7.11 An underlying pattern of connectivity with additions?
The average number of chemical synapses between a pair of synaptically connected neurons 4.2, and there are many cases with more than 10 synapses, whereas there are rarely more than one or two gap junctions between a pair of neurons. We have seen that in individual cases the level of adjacency between two processes does not appear to be important to synaptic reproducibility. Instead the most significant general factor as an indicator of reproducibility is the number of synapses made. Connections with only one or two synapses are unreliable, while those normally containing many synapses are nearly all present in all cases. This result is statistical; there may be individual pairs of neurons that always connect but only form one synapse (e.g. OLQV and RIC only contact briefly but in each case seen make a single very large synapse full of vesicles). However overall there is evidence that the probability of forming a connection and the number of synapses are linked.

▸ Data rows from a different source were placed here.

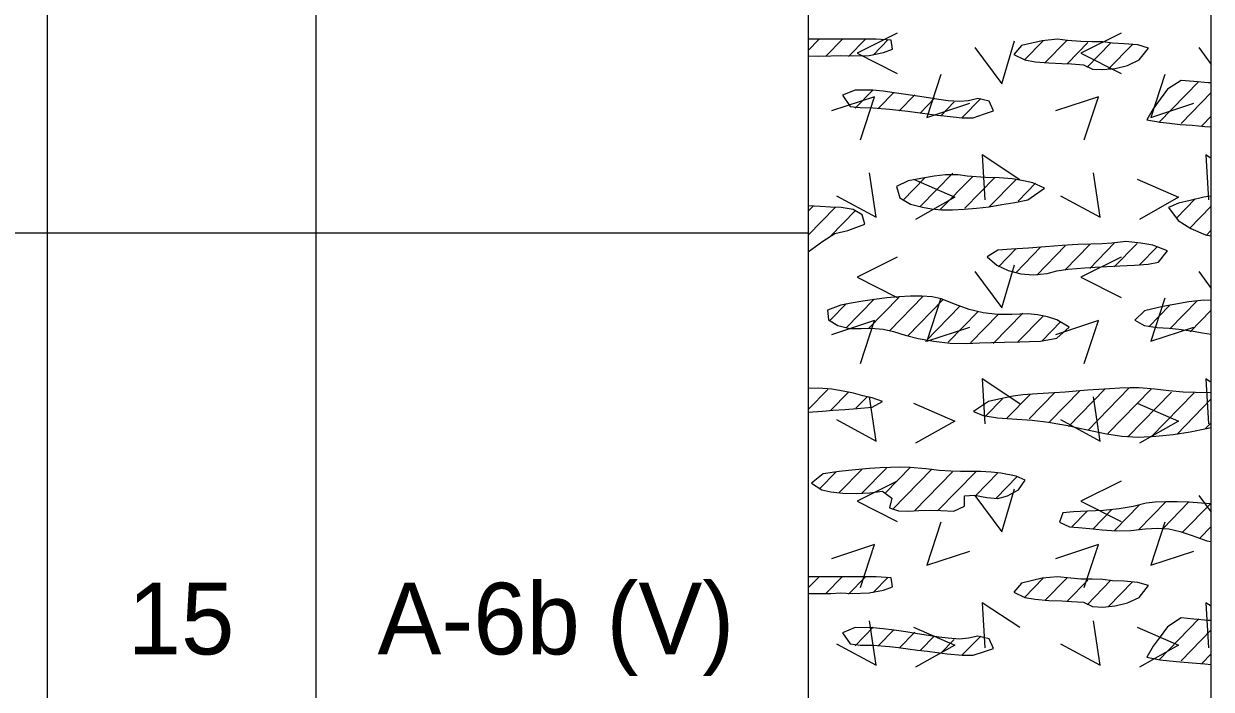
# Model space of a CAD drawing. Extents: x -0.01 to 0.83, y -0.63 to 1.27.
# Drawn here: x 0.7228 to 0.8333, y 0.3881 to 0.45 of the extents above; entities that cross this region are included whole.
import ezdxf

# ---------------------------------------------------------------- set-up
doc = ezdxf.new("R2010")
doc.units = 0

msp = doc.modelspace()

# ---------------------------------------------------------------- linework, layer by layer
for points in [[(0, 0), (0.83333, 0), (0.83333, 1.275), (0, 1.275)], [(0, 0), (0.83333, 0), (0.83333, 1.275), (0, 1.275)], [(0, 0), (0.83333, 0), (0.83333, 1.275), (0, 1.275)], [(0, 0), (0.83333, 0), (0.83333, 1.275), (0, 1.275)], [(0, 0), (0.83333, 0), (0.83333, 1.275), (0, 1.275)], [(0.79583, 0.44696), (0.79676, 0.44695), (0.79792, 0.44697), (0.79882, 0.44701), (0.79992, 0.44697), (0.80151, 0.44701), (0.80282, 0.44727), (0.80367, 0.44759), (0.80354, 0.44843), (0.80216, 0.44851), (0.79583, 0.44851)], [(0.81822, 0.44632), (0.81944, 0.44626), (0.82033, 0.44622), (0.82145, 0.44615), (0.82229, 0.44574), (0.82324, 0.44569), (0.82438, 0.4458), (0.82555, 0.44608), (0.82662, 0.44659), (0.82749, 0.44769), (0.82651, 0.44799), (0.82524, 0.44809), (0.82413, 0.44815), (0.82324, 0.44826), (0.82226, 0.44828), (0.82121, 0.4483), (0.81995, 0.44839), (0.81902, 0.44851), (0.81761, 0.44837), (0.81566, 0.44793), (0.81496, 0.44709), (0.81598, 0.4466), (0.81695, 0.44642)], [(0.83305, 0.44446), (0.83171, 0.44457), (0.83054, 0.44468), (0.82925, 0.44386), (0.82857, 0.44294), (0.82792, 0.44205), (0.82735, 0.44103), (0.82858, 0.4408), (0.82945, 0.4407), (0.83045, 0.4406), (0.83155, 0.44051), (0.83272, 0.44041), (0.83333, 0.44036), (0.83333, 0.44445)], [(0.80066, 0.44216), (0.80188, 0.44215), (0.80339, 0.44202), (0.80423, 0.44193), (0.8051, 0.44182), (0.806, 0.4417), (0.80692, 0.44158), (0.80784, 0.44146), (0.80875, 0.44135), (0.81014, 0.44121), (0.81119, 0.44122), (0.81222, 0.44157), (0.81308, 0.44185), (0.81267, 0.44275), (0.8116, 0.443), (0.81075, 0.4428), (0.80989, 0.44272), (0.80885, 0.4428), (0.80799, 0.44291), (0.80703, 0.44306), (0.806, 0.44322), (0.80492, 0.44339), (0.80384, 0.44354), (0.8028, 0.44368), (0.80182, 0.44377), (0.8002, 0.44378), (0.79901, 0.4433), (0.79974, 0.44226)], [(0.81233, 0.43565), (0.81063, 0.43577), (0.80977, 0.43591), (0.8086, 0.43591), (0.80755, 0.43577), (0.80632, 0.43557), (0.80513, 0.43533), (0.80403, 0.43481), (0.80436, 0.43375), (0.80536, 0.43318), (0.80647, 0.43288), (0.8073, 0.43273), (0.80824, 0.43265), (0.80926, 0.43264), (0.81035, 0.4327), (0.81149, 0.4328), (0.81267, 0.43294), (0.81386, 0.43313), (0.81506, 0.43334), (0.81625, 0.43358), (0.81783, 0.43466), (0.81673, 0.43516), (0.81585, 0.43536), (0.8148, 0.43552), (0.81361, 0.43562)], [(0.83265, 0.43384), (0.83136, 0.43353), (0.83028, 0.43326), (0.82934, 0.43286), (0.83026, 0.43166), (0.83142, 0.4309), (0.83279, 0.43032), (0.83333, 0.43022), (0.83333, 0.43393)], [(0.79583, 0.42875), (0.79719, 0.42974), (0.79831, 0.43044), (0.79951, 0.43071), (0.80111, 0.43131), (0.80086, 0.43219), (0.80002, 0.43267), (0.79889, 0.43286), (0.79791, 0.43289), (0.79694, 0.43295), (0.79583, 0.43303)], [(0.82537, 0.42969), (0.82408, 0.42954), (0.82319, 0.42948), (0.82214, 0.42946), (0.82091, 0.42942), (0.81947, 0.42933), (0.81792, 0.42921), (0.81632, 0.42909), (0.81475, 0.429), (0.81348, 0.42889), (0.81247, 0.42826), (0.81337, 0.42749), (0.81444, 0.42699), (0.81561, 0.4267), (0.81675, 0.4266), (0.81807, 0.42671), (0.81896, 0.42698), (0.82003, 0.42713), (0.82157, 0.42725), (0.82253, 0.42731), (0.82362, 0.42737), (0.82483, 0.42743), (0.82618, 0.42749), (0.82745, 0.4276), (0.82842, 0.42778), (0.82927, 0.42883), (0.82791, 0.42935), (0.82679, 0.42955)], [(0.79885, 0.42378), (0.79763, 0.42332), (0.79773, 0.42242), (0.79859, 0.4219), (0.7997, 0.4216), (0.80074, 0.42161), (0.80165, 0.42163), (0.80281, 0.42154), (0.80377, 0.42134), (0.80486, 0.42099), (0.80606, 0.42069), (0.80751, 0.42042), (0.80905, 0.42023), (0.81052, 0.4202), (0.81177, 0.42026), (0.81289, 0.4203), (0.81408, 0.42033), (0.81553, 0.42037), (0.81642, 0.4204), (0.81745, 0.42043), (0.81897, 0.4207), (0.82011, 0.42174), (0.81896, 0.42241), (0.8181, 0.42268), (0.81717, 0.42287), (0.81626, 0.42298), (0.81479, 0.42292), (0.81343, 0.42292), (0.8121, 0.42307), (0.8108, 0.42337), (0.80953, 0.42384), (0.8082, 0.42438), (0.80736, 0.42454), (0.8064, 0.42462), (0.80536, 0.42462), (0.80427, 0.42456), (0.80314, 0.42445), (0.80201, 0.42431), (0.8009, 0.42414), (0.79984, 0.42396)], [(0.83263, 0.42423), (0.83126, 0.42409), (0.82969, 0.42382), (0.82883, 0.42365), (0.82712, 0.42324), (0.82623, 0.42237), (0.82708, 0.42188), (0.82831, 0.42169), (0.82941, 0.42163), (0.83033, 0.42154), (0.83165, 0.42135), (0.83253, 0.42121), (0.83333, 0.42107), (0.83333, 0.42422)], [(0.79583, 0.41382), (0.79715, 0.41393), (0.79814, 0.41401), (0.79922, 0.41408), (0.80039, 0.41417), (0.80179, 0.41429), (0.80275, 0.41481), (0.80179, 0.41515), (0.80091, 0.41536), (0.80003, 0.41558), (0.79909, 0.41579), (0.79803, 0.41595), (0.79677, 0.41605), (0.79583, 0.41603)], [(0.82816, 0.41158), (0.82978, 0.41174), (0.83137, 0.412), (0.8329, 0.41231), (0.83333, 0.41241), (0.83333, 0.41565), (0.83295, 0.41562), (0.83188, 0.41564), (0.83071, 0.41569), (0.82938, 0.4158), (0.82807, 0.41597), (0.82662, 0.41609), (0.82576, 0.41609), (0.82484, 0.41606), (0.82387, 0.41601), (0.82286, 0.41594), (0.82182, 0.41586), (0.82077, 0.41578), (0.81973, 0.41569), (0.81872, 0.41562), (0.81715, 0.41552), (0.81579, 0.41543), (0.81491, 0.4153), (0.81357, 0.41502), (0.8126, 0.41481), (0.81121, 0.41389), (0.8121, 0.41353), (0.81345, 0.41329), (0.81479, 0.41319), (0.81668, 0.41309), (0.81818, 0.41289), (0.81905, 0.41275), (0.82, 0.41257), (0.82107, 0.41235), (0.82225, 0.4121), (0.82357, 0.41181), (0.82501, 0.41158), (0.82656, 0.41151)], [(0.79708, 0.40659), (0.79794, 0.40642), (0.79904, 0.4063), (0.80028, 0.40627), (0.80156, 0.40632), (0.80274, 0.40648), (0.80361, 0.40582), (0.80338, 0.40492), (0.80422, 0.40465), (0.80517, 0.40463), (0.80613, 0.40469), (0.8072, 0.40472), (0.80818, 0.40469), (0.80939, 0.40461), (0.81037, 0.40508), (0.81038, 0.40603), (0.8113, 0.40609), (0.81244, 0.4059), (0.81346, 0.40579), (0.81438, 0.40605), (0.81539, 0.40659), (0.81601, 0.40751), (0.81517, 0.40788), (0.81374, 0.40815), (0.81285, 0.40825), (0.81187, 0.40831), (0.81, 0.40831), (0.8091, 0.40833), (0.808, 0.4084), (0.80678, 0.40856), (0.8053, 0.40869), (0.80443, 0.4087), (0.80349, 0.40868), (0.80251, 0.40864), (0.80152, 0.40858), (0.80054, 0.4085), (0.79959, 0.40841), (0.7987, 0.40831), (0.79722, 0.40809), (0.79614, 0.40721)], [(0.83241, 0.40537), (0.83129, 0.40544), (0.83017, 0.40548), (0.8291, 0.40548), (0.82811, 0.40544), (0.82728, 0.40535), (0.82608, 0.40505), (0.82476, 0.40483), (0.8233, 0.40469), (0.82183, 0.40461), (0.82051, 0.40455), (0.81951, 0.40445), (0.81922, 0.40358), (0.82013, 0.40317), (0.82097, 0.40311), (0.822, 0.40301), (0.82318, 0.40288), (0.82448, 0.4028), (0.82584, 0.40282), (0.82719, 0.40298), (0.82836, 0.40305), (0.8294, 0.40297), (0.83043, 0.40274), (0.83156, 0.40235), (0.83291, 0.40186), (0.83333, 0.40178), (0.83333, 0.4053)], [(0.79583, 0.39696), (0.79676, 0.39695), (0.79792, 0.39697), (0.79882, 0.39701), (0.79992, 0.39697), (0.80151, 0.39701), (0.80282, 0.39727), (0.80367, 0.39759), (0.80354, 0.39843), (0.80216, 0.39851), (0.79583, 0.39851)], [(0.81822, 0.39632), (0.81944, 0.39626), (0.82033, 0.39622), (0.82145, 0.39615), (0.82229, 0.39574), (0.82324, 0.39569), (0.82438, 0.3958), (0.82555, 0.39609), (0.82662, 0.39659), (0.82749, 0.39769), (0.82651, 0.39799), (0.82524, 0.39809), (0.82413, 0.39815), (0.82324, 0.39826), (0.82226, 0.39828), (0.82121, 0.3983), (0.81995, 0.3984), (0.81902, 0.39851), (0.81761, 0.39837), (0.81566, 0.39793), (0.81496, 0.39709), (0.81598, 0.3966), (0.81695, 0.39642)], [(0.83305, 0.39446), (0.83171, 0.39457), (0.83054, 0.39468), (0.82925, 0.39386), (0.82857, 0.39294), (0.82792, 0.39205), (0.82735, 0.39103), (0.82858, 0.3908), (0.82945, 0.3907), (0.83045, 0.3906), (0.83155, 0.39051), (0.83272, 0.39041), (0.83333, 0.39036), (0.83333, 0.39445)], [(0.80066, 0.39216), (0.80188, 0.39215), (0.80339, 0.39202), (0.80423, 0.39193), (0.8051, 0.39182), (0.806, 0.3917), (0.80692, 0.39158), (0.80784, 0.39146), (0.80875, 0.39135), (0.81014, 0.39121), (0.81119, 0.39122), (0.81222, 0.39157), (0.81308, 0.39185), (0.81267, 0.39275), (0.8116, 0.393), (0.81075, 0.3928), (0.80989, 0.39272), (0.80885, 0.3928), (0.80799, 0.39291), (0.80703, 0.39306), (0.806, 0.39322), (0.80492, 0.39339), (0.80384, 0.39354), (0.8028, 0.39368), (0.80182, 0.39377), (0.8002, 0.39378), (0.79901, 0.3933), (0.79974, 0.39226)]]:
    msp.add_lwpolyline(points, close=True)
for points in [[(0.725, 1.22083), (0.725, -0.62183)], [(0.75, 1.22083), (0.75, -0.62183)], [(0.75, 1.22083), (0.75, -0.62183)], [(0.79583, 1.22083), (0.79583, -0.62183)], [(0.725, 1.20833), (0.725, -0.62183)], [(0.83333, -0.62183), (0.83333, 1.13843)], [(0.80412, 0.44908), (0.80038, 0.44721), (0.80412, 0.44533)], [(0.82496, 0.44908), (0.82121, 0.44721), (0.82496, 0.44533)], [(0.79583, 0.44748), (0.79681, 0.44848)], [(0.79898, 0.4485), (0.79747, 0.44695)], [(0.80116, 0.44852), (0.79959, 0.44691)], [(0.80328, 0.44848), (0.80188, 0.44704)], [(0.81134, 0.44774), (0.81384, 0.44436), (0.81503, 0.44836)], [(0.8177, 0.44837), (0.81596, 0.44659)], [(0.81988, 0.44839), (0.81785, 0.44632)], [(0.82185, 0.4482), (0.81997, 0.44627)], [(0.824, 0.44819), (0.82178, 0.44591)], [(0.82601, 0.44803), (0.82378, 0.44575)], [(0.83217, 0.44774), (0.83333, 0.44618)], [(0.80818, 0.44525), (0.80687, 0.44125), (0.81087, 0.44256)], [(0.82901, 0.44525), (0.8277, 0.44125), (0.8317, 0.44256)], [(0.83217, 0.44459), (0.82844, 0.44077)], [(0.80069, 0.43917), (0.802, 0.44317), (0.798, 0.44186)], [(0.80188, 0.44381), (0.8002, 0.44209)], [(0.8038, 0.44357), (0.80237, 0.44211)], [(0.80575, 0.44335), (0.80429, 0.44186)], [(0.82152, 0.43917), (0.82284, 0.44317), (0.81884, 0.44186)], [(0.83333, 0.44357), (0.83052, 0.44069)], [(0.80758, 0.44302), (0.80627, 0.44168)], [(0.80941, 0.44269), (0.80816, 0.4414)], [(0.81188, 0.443), (0.81016, 0.44124)], [(0.83333, 0.44136), (0.83245, 0.44045)], [(0.81551, 0.43544), (0.81201, 0.43776), (0.81226, 0.43357)], [(0.83333, 0.43743), (0.83284, 0.43776), (0.83309, 0.43357)], [(0.79847, 0.43396), (0.80215, 0.43196), (0.80153, 0.43609)], [(0.80465, 0.43354), (0.80667, 0.43561)], [(0.80562, 0.43551), (0.80946, 0.43382), (0.80581, 0.43176)], [(0.80626, 0.43297), (0.80928, 0.43607)], [(0.80809, 0.43264), (0.81111, 0.43573)], [(0.81041, 0.4328), (0.81318, 0.43564)], [(0.81264, 0.43288), (0.81518, 0.43548)], [(0.8193, 0.43396), (0.82299, 0.43196), (0.82236, 0.43609)], [(0.82645, 0.43551), (0.83029, 0.43382), (0.82664, 0.43176)], [(0.81536, 0.43345), (0.81699, 0.43512)], [(0.8301, 0.43188), (0.83184, 0.43366)], [(0.7963, 0.43299), (0.79583, 0.43251)], [(0.79834, 0.43286), (0.79583, 0.4303)], [(0.79786, 0.43016), (0.80023, 0.43259)], [(0.83131, 0.4309), (0.83333, 0.43298)], [(0.70417, 0.4305), (0.725, 0.4305)], [(0.725, 0.4305), (0.75, 0.4305)], [(0.75, 0.4305), (0.79583, 0.4305)], [(0.83285, 0.43027), (0.83333, 0.43076)], [(0.81519, 0.42906), (0.81354, 0.42736)], [(0.81514, 0.4268), (0.81748, 0.42919)], [(0.81709, 0.42658), (0.81974, 0.4293)], [(0.8197, 0.42704), (0.82203, 0.42943)], [(0.82202, 0.4272), (0.8243, 0.42954)], [(0.82431, 0.42733), (0.82644, 0.42953)], [(0.82663, 0.4275), (0.82834, 0.42925)], [(0.80412, 0.42825), (0.80038, 0.42637), (0.80412, 0.4245)], [(0.82496, 0.42825), (0.82121, 0.42637), (0.82496, 0.4245)], [(0.81134, 0.42691), (0.81384, 0.42353), (0.81503, 0.42753)], [(0.83217, 0.42691), (0.83333, 0.42534)], [(0.79933, 0.42165), (0.80195, 0.42434)], [(0.80142, 0.42158), (0.8043, 0.42453)], [(0.80653, 0.42461), (0.8034, 0.4214)], [(0.80818, 0.42442), (0.80687, 0.42042), (0.81087, 0.42173)], [(0.82901, 0.42442), (0.8277, 0.42042), (0.8317, 0.42173)], [(0.79938, 0.42392), (0.79786, 0.42237)], [(0.80506, 0.42089), (0.8084, 0.42431)], [(0.80997, 0.42371), (0.80675, 0.4204)], [(0.82751, 0.42176), (0.82945, 0.42375)], [(0.83203, 0.42417), (0.82949, 0.42157)], [(0.83138, 0.4213), (0.83333, 0.4233)], [(0.80069, 0.41834), (0.802, 0.42234), (0.798, 0.42102)], [(0.81164, 0.4232), (0.80884, 0.42034)], [(0.81353, 0.42293), (0.81094, 0.42027)], [(0.81303, 0.42021), (0.81579, 0.42303)], [(0.81534, 0.42036), (0.81768, 0.42276)], [(0.8176, 0.42047), (0.81934, 0.42225)], [(0.82152, 0.41834), (0.82284, 0.42234), (0.81884, 0.42102)], [(0.83333, 0.42108), (0.83333, 0.42109)], [(0.81551, 0.41461), (0.81201, 0.41692), (0.81226, 0.41273)], [(0.83333, 0.4166), (0.83284, 0.41692), (0.83309, 0.41273)], [(0.79765, 0.41594), (0.79583, 0.41407)], [(0.7996, 0.41572), (0.79786, 0.41394)], [(0.8143, 0.41326), (0.8165, 0.41551)], [(0.8164, 0.41319), (0.81879, 0.41565)], [(0.81829, 0.41292), (0.82114, 0.41584)], [(0.82004, 0.4125), (0.82346, 0.416)], [(0.82569, 0.41608), (0.82184, 0.41213)], [(0.82775, 0.41598), (0.8237, 0.41183)], [(0.82964, 0.4157), (0.82557, 0.41152)], [(0.83173, 0.41563), (0.82774, 0.41154)], [(0.79847, 0.41313), (0.80215, 0.41113), (0.80153, 0.41525)], [(0.8013, 0.41524), (0.80027, 0.41419)], [(0.80562, 0.41467), (0.80946, 0.41299), (0.80581, 0.41093)], [(0.81392, 0.41508), (0.81235, 0.41348)], [(0.8193, 0.41313), (0.82299, 0.41113), (0.82236, 0.41525)], [(0.82645, 0.41467), (0.83029, 0.41299), (0.82664, 0.41093)], [(0.83333, 0.41506), (0.83012, 0.41176)], [(0.83281, 0.41231), (0.83333, 0.41284)], [(0.79844, 0.40828), (0.79691, 0.40671)], [(0.79871, 0.40634), (0.80085, 0.40853)], [(0.80083, 0.40629), (0.80311, 0.40863)], [(0.80534, 0.40871), (0.80299, 0.40629)], [(0.80367, 0.40478), (0.80732, 0.40852)], [(0.80571, 0.40466), (0.80924, 0.40828)], [(0.81142, 0.40829), (0.80785, 0.40464)], [(0.81141, 0.40607), (0.81348, 0.40819)], [(0.81528, 0.40783), (0.81331, 0.40581)], [(0.80412, 0.40741), (0.80038, 0.40554), (0.80412, 0.40366)], [(0.81134, 0.40607), (0.81384, 0.4027), (0.81503, 0.4067)], [(0.82496, 0.40741), (0.82121, 0.40554), (0.82496, 0.40366)], [(0.83217, 0.40607), (0.83333, 0.40451)], [(0.82035, 0.40315), (0.82176, 0.4046)], [(0.82233, 0.40298), (0.82408, 0.40476)], [(0.82433, 0.40281), (0.82666, 0.4052)], [(0.82909, 0.40548), (0.82656, 0.40289)], [(0.82885, 0.40301), (0.83122, 0.40544)], [(0.83325, 0.40531), (0.83065, 0.40265)], [(0.80818, 0.40358), (0.80687, 0.39958), (0.81087, 0.40089)], [(0.82901, 0.40358), (0.8277, 0.39958), (0.8317, 0.40089)], [(0.83333, 0.40318), (0.83227, 0.40209)], [(0.80069, 0.3975), (0.802, 0.4015), (0.798, 0.40019)], [(0.82152, 0.3975), (0.82284, 0.4015), (0.81884, 0.40019)], [(0.79583, 0.39748), (0.79681, 0.39848)], [(0.79898, 0.3985), (0.79747, 0.39695)], [(0.80116, 0.39852), (0.79959, 0.39691)], [(0.80328, 0.39848), (0.80188, 0.39704)], [(0.8177, 0.39837), (0.81596, 0.39659)], [(0.81988, 0.39839), (0.81785, 0.39632)], [(0.82185, 0.3982), (0.81997, 0.39627)], [(0.824, 0.39819), (0.82178, 0.39591)], [(0.82601, 0.39803), (0.82378, 0.39575)], [(0.81551, 0.39378), (0.81201, 0.39609), (0.81226, 0.3919)], [(0.83333, 0.39577), (0.83284, 0.39609), (0.83309, 0.3919)], [(0.83217, 0.39459), (0.82844, 0.39077)], [(0.79847, 0.39229), (0.80215, 0.39029), (0.80153, 0.39442)], [(0.80188, 0.39381), (0.8002, 0.39209)], [(0.8038, 0.39357), (0.80237, 0.39211)], [(0.80562, 0.39384), (0.80946, 0.39216), (0.80581, 0.39009)], [(0.8193, 0.39229), (0.82299, 0.39029), (0.82236, 0.39442)], [(0.82645, 0.39384), (0.83029, 0.39216), (0.82664, 0.39009)], [(0.83333, 0.39357), (0.83052, 0.39069)], [(0.80575, 0.39335), (0.80429, 0.39186)], [(0.80758, 0.39302), (0.80627, 0.39168)], [(0.80941, 0.39269), (0.80816, 0.3914)], [(0.81188, 0.393), (0.81016, 0.39124)], [(0.83333, 0.39136), (0.83245, 0.39045)]]:
    msp.add_lwpolyline(points)

# ---------------------------------------------------------------- texts
for s, p in [('15', (0.73251, 0.39129)), ('A-6b (V)', (0.75575, 0.39129))]:
    msp.add_text(s, height=0.006667).set_placement(p)

doc.saveas('drawing.dxf')

If we consider mismatches in which a connection is present on one side but not the other, there are four times as many cases where the connection is seen on neither side of the other animal as ones in which it is seen on both sides. An explanation of this result would be provided by the hypothesis that there is an underlying pattern of circuitry that is consistently present, but there are also always a number of additional synapses that are selected from a wide range of possibilities, and which therefore do not generate reproducible connections. The distribution of this set of additional synapses was estimated by subtracting away consistently seen synapses. Since this operation was performed with synapses rather than connections it leaves some additional synapses between processes which have a consistent connection, for example where in one of the four cases 10 synapses were made, and in others only 6. However the majority of additional synapses are between processes that are not reproducibly connected, which implies that the variation observed in the circuitry is not simply due to modulation in level of a small restricted set of possible connections. The new connections normally contain only one or two synapses. This would provide an explanation for the low reproducibility of synaptic connections containing only one or two synapses. Both the adjacency distribution of the additional synapses, and a direct count of the proportion of mismatches for which the unconnected pair of neurons are not adjacent, indicate that most of the additional connections are between pairs of neurons that normally have a reasonable adjacency, rather than being due to a process wandering away from its normal circle of connections.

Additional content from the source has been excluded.